Considering where the market is I don’t see the harm I’m throwing a feeler to the wind to see what kind of numbers you get.

----------


## ExtraSlow

Is right now a good time to sell a Wrangler? Asking for a friend.

----------


## shakalaka

:ROFL!: 

That Camaro looks sick btw, I suggest throwing up as strange things are happening in the market right now so you never know. I need more garage space, triple isn't cutting it anymore.

----------


## jutes

> That Camaro looks sick btw, I suggest throwing up as strange things are happening in the market right now so you never know. I need more garage space, triple isn't cutting it anymore.



I’m considering throwing my 17 1LE on Kijiji but not at $50k+ crazy prices. Love the car but not driving it enough.

----------


## Tik-Tok

> Sold my Fiesta. That was way faster than what I was expecting.



Another case supporting my statement of a 'hot' market.

----------


## Buster

> Another case supporting my statement of a 'hot' market.



Repped

----------


## adam c

> Another case supporting my statement of a 'hot' market.

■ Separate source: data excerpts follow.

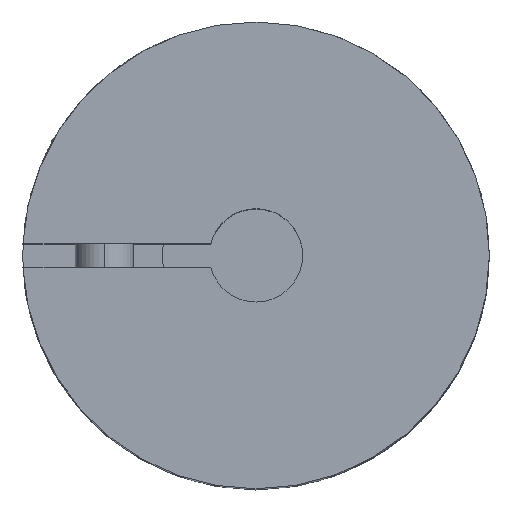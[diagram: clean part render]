
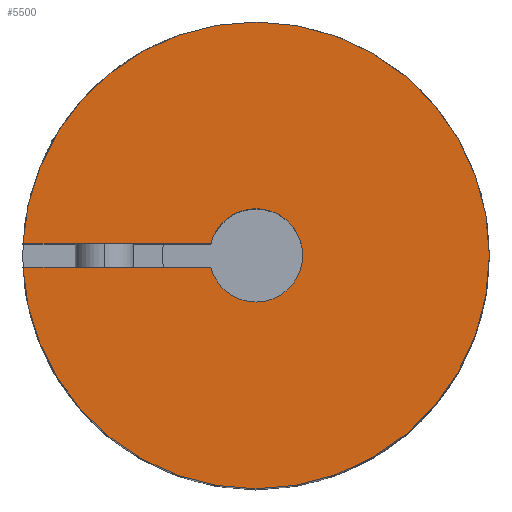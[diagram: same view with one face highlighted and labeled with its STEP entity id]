
A CAD part, top view. The second image highlights one B-rep face of the part: STEP entity #5500.
In plain terms, the highlighted planar face has unit normal (0, 0, 1).
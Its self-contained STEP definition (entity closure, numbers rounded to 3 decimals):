
#9 = CARTESIAN_POINT ( 'NONE',  ( 12.407, 48.356, 111.651 ) ) ;
#228 = VERTEX_POINT ( 'NONE', #9 ) ;
#229 = VERTEX_POINT ( 'NONE', #3722 ) ;
#232 = DIRECTION ( 'NONE',  ( 0., -1., 0. ) ) ;
#396 = CIRCLE ( 'NONE', #988, 10. ) ;
#490 = EDGE_CURVE ( 'NONE', #784, #228, #5673, .T. ) ;
#729 = AXIS2_PLACEMENT_3D ( 'NONE', #1690, #5669, #2284 ) ;
#784 = VERTEX_POINT ( 'NONE', #5662 ) ;
#836 = DIRECTION ( 'NONE',  ( 1., 0., 0. ) ) ;
#888 = CARTESIAN_POINT ( 'NONE',  ( 2.419, 49.856, 111.651 ) ) ;
#985 = CARTESIAN_POINT ( 'NONE',  ( 12.407, 50.356, 111.651 ) ) ;
#988 = AXIS2_PLACEMENT_3D ( 'NONE', #2004, #5944, #2580 ) ;
#1050 = CARTESIAN_POINT ( 'NONE',  ( 12.407, 40.356, 111.651 ) ) ;
#1397 = ORIENTED_EDGE ( 'NONE', *, *, #2571, .F. ) ;
#1563 = DIRECTION ( 'NONE',  ( 0., -1., 0. ) ) ;
#1690 = CARTESIAN_POINT ( 'NONE',  ( 12.407, 50.356, 111.651 ) ) ;
#1736 = CARTESIAN_POINT ( 'NONE',  ( 12.407, 50.356, 111.651 ) ) ;
#1975 = FACE_OUTER_BOUND ( 'NONE', #2588, .T. ) ;
#2004 = CARTESIAN_POINT ( 'NONE',  ( 12.407, 50.356, 111.651 ) ) ;
#2155 = DIRECTION ( 'NONE',  ( -1., 0., 0. ) ) ;
#2284 = DIRECTION ( 'NONE',  ( 0., -1., 0. ) ) ;
#2295 = CARTESIAN_POINT ( 'NONE',  ( 10.47, 50.856, 111.651 ) ) ;
#2297 = EDGE_CURVE ( 'NONE', #4737, #229, #2300, .T. ) ;
#2300 = LINE ( 'NONE', #6107, #3808 ) ;
#2316 = DIRECTION ( 'NONE',  ( 0., 1., 0. ) ) ;
#2511 = DIRECTION ( 'NONE',  ( 0., 0., 1. ) ) ;
#2571 = EDGE_CURVE ( 'NONE', #229, #5171, #3993, .T. ) ;
#2580 = DIRECTION ( 'NONE',  ( 0., -1., 0. ) ) ;
#2588 = EDGE_LOOP ( 'NONE', ( #1397, #3021, #6311, #7185, #4804, #4167, #4938, #3191 ) ) ;
#2845 = CARTESIAN_POINT ( 'NONE',  ( 12.407, 60.356, 111.651 ) ) ;
#3021 = ORIENTED_EDGE ( 'NONE', *, *, #2297, .F. ) ;
#3040 = EDGE_CURVE ( 'NONE', #4414, #4535, #396, .T. ) ;
#3055 = AXIS2_PLACEMENT_3D ( 'NONE', #1736, #5701, #2316 ) ;
#3082 = EDGE_CURVE ( 'NONE', #4535, #784, #3449, .T. ) ;
#3144 = CIRCLE ( 'NONE', #729, 10. ) ;
#3191 = ORIENTED_EDGE ( 'NONE', *, *, #6263, .F. ) ;
#3311 = CARTESIAN_POINT ( 'NONE',  ( 12.407, 50.356, 111.651 ) ) ;
#3449 = LINE ( 'NONE', #4290, #4599 ) ;
#3670 = DIRECTION ( 'NONE',  ( 0., 0., -1. ) ) ;
#3722 = CARTESIAN_POINT ( 'NONE',  ( 2.419, 50.856, 111.651 ) ) ;
#3808 = VECTOR ( 'NONE', #2155, 1000. ) ;
#3993 = CIRCLE ( 'NONE', #4633, 10. ) ;
#4167 = ORIENTED_EDGE ( 'NONE', *, *, #3082, .F. ) ;
#4290 = CARTESIAN_POINT ( 'NONE',  ( -12.958, 49.856, 111.651 ) ) ;
#4362 = AXIS2_PLACEMENT_3D ( 'NONE', #5885, #2511, #6463 ) ;
#4414 = VERTEX_POINT ( 'NONE', #1050 ) ;
#4452 = DIRECTION ( 'NONE',  ( 0., 1., 0. ) ) ;
#4535 = VERTEX_POINT ( 'NONE', #888 ) ;
#4599 = VECTOR ( 'NONE', #836, 1000. ) ;
#4633 = AXIS2_PLACEMENT_3D ( 'NONE', #985, #4987, #1563 ) ;
#4737 = VERTEX_POINT ( 'NONE', #2295 ) ;
#4770 = EDGE_CURVE ( 'NONE', #228, #6122, #6872, .T. ) ;
#4804 = ORIENTED_EDGE ( 'NONE', *, *, #490, .F. ) ;
#4938 = ORIENTED_EDGE ( 'NONE', *, *, #3040, .F. ) ;
#4976 = DIRECTION ( 'NONE',  ( 0., 0., 1. ) ) ;
#4987 = DIRECTION ( 'NONE',  ( 0., 0., -1. ) ) ;
#5169 = CIRCLE ( 'NONE', #4362, 2. ) ;
#5171 = VERTEX_POINT ( 'NONE', #2845 ) ;
#5323 = PLANE ( 'NONE',  #7004 ) ;
#5448 = EDGE_CURVE ( 'NONE', #6122, #4737, #5169, .T. ) ;
#5500 = ADVANCED_FACE ( 'NONE', ( #1975 ), #5323, .F. ) ;
#5662 = CARTESIAN_POINT ( 'NONE',  ( 10.47, 49.856, 111.651 ) ) ;
#5669 = DIRECTION ( 'NONE',  ( 0., 0., -1. ) ) ;
#5673 = CIRCLE ( 'NONE', #7044, 2. ) ;
#5701 = DIRECTION ( 'NONE',  ( 0., 0., 1. ) ) ;
#5885 = CARTESIAN_POINT ( 'NONE',  ( 12.407, 50.356, 111.651 ) ) ;
#5944 = DIRECTION ( 'NONE',  ( 0., 0., -1. ) ) ;
#6107 = CARTESIAN_POINT ( 'NONE',  ( -12.958, 50.856, 111.651 ) ) ;
#6122 = VERTEX_POINT ( 'NONE', #7180 ) ;
#6263 = EDGE_CURVE ( 'NONE', #5171, #4414, #3144, .T. ) ;
#6311 = ORIENTED_EDGE ( 'NONE', *, *, #5448, .F. ) ;
#6463 = DIRECTION ( 'NONE',  ( 0., 1., 0. ) ) ;
#6872 = CIRCLE ( 'NONE', #3055, 2. ) ;
#7004 = AXIS2_PLACEMENT_3D ( 'NONE', #7062, #3670, #232 ) ;
#7044 = AXIS2_PLACEMENT_3D ( 'NONE', #3311, #4976, #4452 ) ;
#7062 = CARTESIAN_POINT ( 'NONE',  ( 12.407, 50.356, 111.651 ) ) ;
#7180 = CARTESIAN_POINT ( 'NONE',  ( 12.407, 52.356, 111.651 ) ) ;
#7185 = ORIENTED_EDGE ( 'NONE', *, *, #4770, .F. ) ;

Now I'm going to read all these posts with Bob's voice, it's also why I can't watch Archer

----------


## Kobe

Wow I had no idea about the car market, interesting..

Dad has a 2012 Escalade EXT he was planning on selling in the near future, might tell him to just list it now for a higher amount and see if anyone takes it since it's looks super clean.

----------


## ThePenIsMightier

Where did the thread go that mentioned an auction where prices were higher than normal?

----------


## arcticcat522

> Where did the thread go that mentioned an auction where prices were higher than normal?



It was one of 
@JohnnyHockey13
 threads. Adesa auction was the place. I didn't look to see if I can find it.

----------


## black300

I sold m 17 F150 Lariat as well, got paid top dollar. I am going to wait it out until prices line up and purchase something. I won't be needing a truck anytime soon, might go 1 Ton Diesel for the sake of towing. I did order a Bronco was on reservation, a lot of options advertised are not available soon according to the manager. If it looks nice I will keep it, if not then I will let someone else purchase it. Last timeline I got was around November-December.

For the summer I picked up a C6 Z06  :Love:

----------


## Buster

Things might be turning a bit.

My autotrader searches did this:

- two years of inventory sitting
- January 2021 - autotrader searches emptied and everything sold
- April 2021 - dealers start advertising (consignment?) vehicles and inventory plumps
- Mid-May 2021 - consistent emails from autotrader advertising price drops.

Demand shock took out inventory, and we're going to see oscillations.

----------


## Rocket1k78

> Another case supporting my statement of a 'hot' market.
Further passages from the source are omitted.